As for the writing itself, I think the initial draft was done in two or three sittings, maybe ten hours’ work. This one came fairly easily.
AI: Did you make any major changes during the revision process that made the story click?
EH: I don’t believe there were any drastic changes, once I decided to excise the story from the original one and develop it into a piece in its own right. I suppose the most challenging aspect of the revision process was getting the emotional arc right. Anna’s disintegration had to be correctly paced and her increasingly extreme actions needed to track with it very tightly. I recall some redrafting on that score.
Her commandeering of the Zouave’s rifle is meant to up the suspense level suddenly, so that had to be tuned really carefully. I wanted to get her into the darkness of the desert, out of sight and in the throes of an emotional breakdown, with an automatic weapon in her hand, but I didn’t want to do it all at once.
Regarding the revision process itself, I tend to revise along the way because I find that getting the sentences right really helps me see where I need to go next. It also helps me discover and refine the narrative voice. Decluttering is so important. I’m the same way in the kitchen: I clean as I go.

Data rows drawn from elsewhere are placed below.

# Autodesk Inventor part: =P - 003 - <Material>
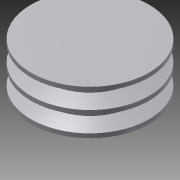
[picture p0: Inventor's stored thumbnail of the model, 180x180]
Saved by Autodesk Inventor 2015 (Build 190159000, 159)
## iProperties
Created: 2007-02
Part Number: =P - 003 - <Material>
Material: Aluminum-6061
Document SubType Name: Modeling
Designer: Autodesk, Inc.
Density: 2.71 g/cm^3
Mass: 491.294 g
Surface Area: 311.57 cm^2
Volume: 181.289 cm^3
Description: =Pulley - <Mass>
Appearance: Aluminum - Flat
CustomPartVersion: 1
Author: Autodesk, Inc.
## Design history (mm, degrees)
sketch "Main Sketch"
  geometry: L1 (0, 34.925)-(46.355, 34.925); L2 (46.355, 34.925)-(46.355, 15.804); L3 (46.355, 15.804)-(34.671, 12.232); L4 (34.671, 12.232)-(34.671, 6.818); L5 (34.671, 6.818)-(46.355, 3.246); L6 (46.355, 3.246)-(46.355, 0); L7 (46.355, 0)-(0, 0); L8 (43.18, 14.834)-(43.18, 4.216); L9 (0, 34.925)-(0, 0); L10 (34.671, 9.525)-(43.18, 9.525); L11 (46.355, 15.804)-(46.355, 3.246); L12 (0, -6.985)-(0, 41.91) reference
  constraints: 22 end point, 5 perpendicular, 3 collinear, 2 midpoint, 2 point on line, 1 parallel
  dimensions: "d0" = 10.6172 distance of L8.start L8.end (= da_Bw); "d1" = 34 deg angle of L3 L5 (= da_Alfa); "d2" = 3.175 distance between parallel lines of L2 L8 (= da_c); "d6" = 34.925 distance between parallel lines of L7 L1 (computed from d5, da_ng, da_Sg); "d21" = 86.36 diameter of L8 L12 (= da_Dw); "d25" = 11.684 distance between parallel lines of L4 L11 (= da_Hd); "d27" = 9.525 distance between parallel lines of L7 L10 (= da_Se)
node "Belt Plane"
revolve "Body" stored, may be unused: angle "d7" = 90 deg
revolve "Groove" stored, may be unused: angle "d15" = 90 deg
fillet "Fillet External" dims "d8" = 0 (computed from da_r1), "d10" = 0, "da_r1" = 0 [user parameter; used in 1 equation term]
fillet "Fillet Internal" dims "d9" = 0 (computed from da_r2), "d11" = 0, "da_r2" = 0 [user parameter; used in 1 equation term]
pattern_linear "Groove Pattern" dims "d18" = 15.875 (= da_Sg)
body "Solid1"
other parameters: "d5" = 9.525 (= da_Se), "da_Bw" = 10.6172 [user parameter; used in 1 equation term], "da_Alfa" = 34 deg [user parameter; used in 1 equation term], "da_c" = 3.175 [user parameter; used in 1 equation term], "da_Dw" = 86.36 [user parameter; used in 1 equation term], "da_Hd" = 11.684 [user parameter; used in 1 equation term], "da_Se" = 9.525 [user parameter; used in 2 equation terms], "da_Sg" = 15.875 [user parameter; used in 2 equation terms], "d24" = 0, "d26" = 0
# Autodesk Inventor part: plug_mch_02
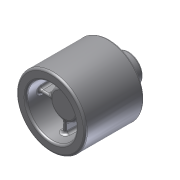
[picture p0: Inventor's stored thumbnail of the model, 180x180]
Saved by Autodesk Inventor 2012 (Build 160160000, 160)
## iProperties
Shininess: 64.0
Length Units: 11269
Angle Units: 11279
Time Units: 11290
Mass Units: 11283
Length Display Precision: 3
Angle Display Precision: 2
Company: Autodesk
Created: 2002-07
Part Number: plug_mch_02
Document SubType Name: Modeling
Designer: Lieven Grauls
Stock Number: plug_mch_02
Project: Valve Techcamp 2008
Density: 1 g/cm^3
Material: Default
Density: 0.0
Volumn: 0.0
Area: 0.0
PropertySet Name: Model Information
Control State: 0
Master: False
Checked Out: False
Author: Lieven Grauls
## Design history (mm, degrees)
node "plug_cast_02" dims "d1" = 10
sketch "Sketch6"
  geometry: L1 (-25, 35)-(25, 35) reference; L2 (26.5, 33.5)-(26.5, 0) reference; L3 (25, 35)-(26.5, 35); L4 (26.5, 35)-(26.5, 33.5); L5 (25, 35)-(26.5, 33.5); L6 (0, -7)-(0, 42) reference; 1 further point
  constraints: 6 end point, 2 perpendicular
revolve "Revolution2" sketch "Sketch6" stored, may be unused: angle "d47" = 90 deg
node "Volumenkörper1"
node "Volumenkörpern"
node "Oberflächenkörpern"
tag "Bezeichnung2"
feature "Volumenkörper1::plug_cast_02" dims "d1" = 10
other parameters: "d2" = 50.65
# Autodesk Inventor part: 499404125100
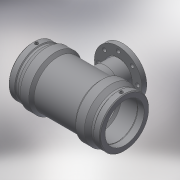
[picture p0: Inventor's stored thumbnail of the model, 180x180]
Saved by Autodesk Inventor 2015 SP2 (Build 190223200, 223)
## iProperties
Created: 2017-06
Part Number: 499404125100
Material: Generic
Description: PLASSON FLANGED TEE 125x100x125
Document SubType Name: Modeling
Designer: KIM
Mass: 57.3761 g
Surface Area: 241.06 cm^2
Volume: 57.3761 cm^3
Density: 1 g/cm^3
Appearance: Default
Author: KIM
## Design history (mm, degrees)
derived "499404.ipt"
feature "Solid1::499404.ipt"
tag "TaggingFeature1"
body "Solid1"
other parameters: "d13" = 382, "d14" = 17.6296, "d17" = 112.5, "d18" = 125, "d19" = 3.52592, "d20" = 168 deg, "d22" = 153.45, "d23" = 165, "d24" = 148.8465, "d25" = 135 deg, "d26" = 267.4, "d27" = 135 deg, "d29" = 88, "d35" = 15, "d39" = 5 deg, "d45" = 4, "d46" = 14, "d47" = 0, "d55" = 148.5, "d56" = 165, "d57" = 133.7, "d58" = 135 deg, "d59" = 86, "d60" = 86, "d61" = 135 deg, "d72" = 173.81, "d73" = 86.905, "d87" = 158, "d90" = 125, "d91" = 15 deg, "d93" = 22, "d95" = 4.74, "d97" = 18, "d100" = 0, "d102" = 360 deg, "d105" = 0, "d107" = 0, "d108" = 3, "d109" = 0, "d110" = 25.8, "d111" = 8.6, "d_" = 125, "L_" = 382, "L_1" = 86, "D_" = 165, "A_" = 88, "d_2" = 12, "t_" = 22, "d_1" = 158, "s_" = 18
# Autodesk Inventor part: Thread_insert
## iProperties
Shininess: 27.0
Length Units: 11269
Angle Units: 11279
Time Units: 11290
Mass Units: 11283
Length Display Precision: 3
Angle Display Precision: 2
Created: 2001-04
Part Number: Thread_insert
Material: Standard
Document SubType Name: Modellieren
Designer: dl
Density: 0.0
Volumn: 0.0
Area: 0.0
PropertySet Name: Model Information
Control State: 0
Master: False
Checked Out: False
Author: dl
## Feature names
1. Extrusion1
2. Hole1
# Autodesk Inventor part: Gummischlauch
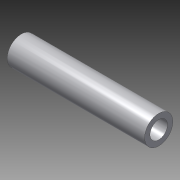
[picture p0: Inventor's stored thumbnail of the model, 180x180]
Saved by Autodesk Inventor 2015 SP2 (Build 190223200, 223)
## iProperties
Created: 2012-07
Part Number: Gummischlauch
Material: PVC, hart
Document SubType Name: Modeling
Designer: rYan
Mass: 5.1874 g
Surface Area: 41.469 cm^2
Volume: 4.02124 cm^3
Density: 1.29 g/cm^3
Appearance: Glatt - weiß
Author: rYan
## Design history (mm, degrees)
sketch "Skizze1"
  geometry: C1 r 5 at (0, 0); C2 r 8 at (0, 0); 1 further point
  constraints: 2 centre point, 2 coincident
  dimensions: "d0" = 10 diameter of C1; "d4" = 16 diameter of C2
extrude "Extrusion1" new body sketch "Skizze1" distance "d2" = 78; taper "d3" = 0 deg
node "Volumenkörper1"

When I’m done with the full draft I do revise it top to bottom a couple times, but it’s almost never monstrous because I’ve already got pretty solid prose by then. I can focus on the story arc and so on because the mechanics are pretty much working by then.
AI: Did you know from the beginning where the story would end?
EH: Not this time.
AI: Which authors do you read when you need a fresh perspective on your craft?
EH: I have a shelf of such authors within reach of my chair, for exactly that purpose. The cast of characters rotates often, but right now it includes Michael Ondaatje, Eudora Welty, Don DeLillo, Simon Mawer, Jim Shepard, Grace Paley, Paul Harding, Frank Conroy, Annie Proulx, Richard Stern, Rikki Ducornet, Claire Keegan, Audrey Niffenegger, Jean Giono, Stuart Dybek and Pete Orner. If I had to keep only one of those folks around for inspirational purposes it would probably be Ondaatje, Dybek, or Orner. Basically an impossible choice, I’m afraid.
Last summer I had the moving experience of visiting Eudora Welty’s house in Jackson and seeing her writing space. A key takeaway was that it’s okay to stack books anywhere and everywhere if looking at them inspires you—a lesson I’ve taken to heart. Good books are the best kind of clutter.
AI: What aspect of writing fiction most appeals to you? What motivates you to write, in other words?
EH: That’s a nearly impossible question to answer.
Writing is very hard work, but sometimes you break loose and find flow, and there’s no feeling like it. You’re a hawk finding a great thermal, and there is a sort of weightlessness about it that’s just divine. There’s another kind of pleasure when you read something you’ve written and feel that it really works, because it’s emotionally true, or lyrical, or laugh-out-loud funny, or just because it’s a dead-on bit of descriptive prose. These are all the little addictive experiences that compensate for the agonizing bits.
More broadly, I like the fact that writing fiction makes me more attentive to my surroundings. I pick up on nuances of people and things, I read field/ground relationships differently, I think more carefully about my lived experience. It’s a heightened way of living in the world.
And I am interested in any and all sorts of people. A writer’s first reaction to another person needs to be an inquiring one, not a judging one; if you exclude certain kinds of people from your world based on value judgments or your personal likes and dislikes, you’ll never be able to write accurately about them, and that will limit your scope fatally. The main work of writing is to inhabit the worlds of others, and I think that’s a pretty good way to approach life generally. It’s interesting inside there.